What the exercise asks -> In the data that follows, how many lines include the string "polyline"? Answer with the number alone.

Source data
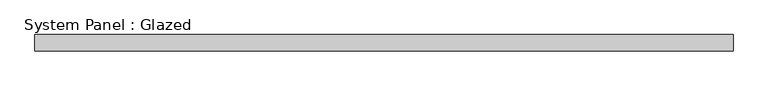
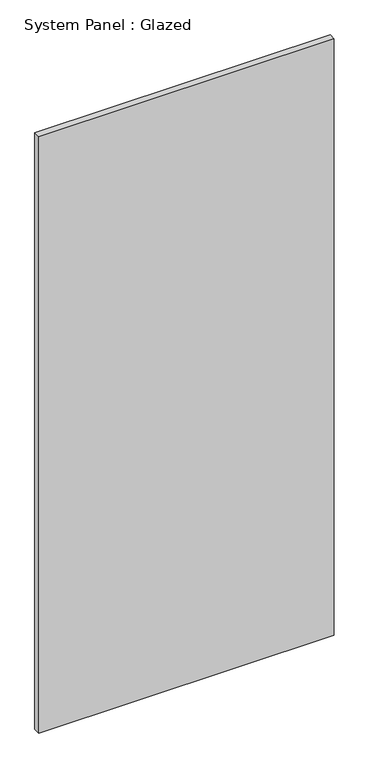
"""IFC4 building model written with IfcOpenShell, lengths in millimetres: plate geometry, System Panel : Glazed."""

from ifc_helpers import new_model, si_unit, origin, origin_with_axes, place, context, project, spatial, polyline, outline, extrude, source, transform, mapped, element, save


def system_panel_glazed_d847cfee(model_context):
    return source(origin(), model_context, "Body", "SweptSolid", [
        extrude(outline(polyline([(549.275, 19.05), (-549.275, 19.05), (-549.275, 44.45), (549.275, 44.45), (549.275, 19.05)])), origin_with_axes(), (0.0, 0.0, 1.0), 2343.15),
    ])


if __name__ == "__main__":
    model = new_model("IFC4")
    model_context = context("Model", 3, world=origin())
    ifc_project = project(units=[si_unit("LENGTHUNIT", "METRE", prefix="MILLI")], contexts=[model_context])
    site = spatial("IfcSite", under=ifc_project)
    building = spatial("IfcBuilding", under=site)
    placement = place(None, origin())
    system_panel_glazed_shape = system_panel_glazed_d847cfee(model_context)
    element("IfcPlate", 1, ObjectType="System Panel : Glazed", at=placement, inside=building, context=model_context, shape_type="MappedRepresentation", body=[
        mapped(system_panel_glazed_shape, transform((0.0, 0.0, 0.0), x_axis=(1.0, 0.0, 0.0), y_axis=(0.0, 1.0, 0.0), z_axis=(0.0, 0.0, 1.0))),
    ])
    save(model, "model.ifc")

Result below -> 2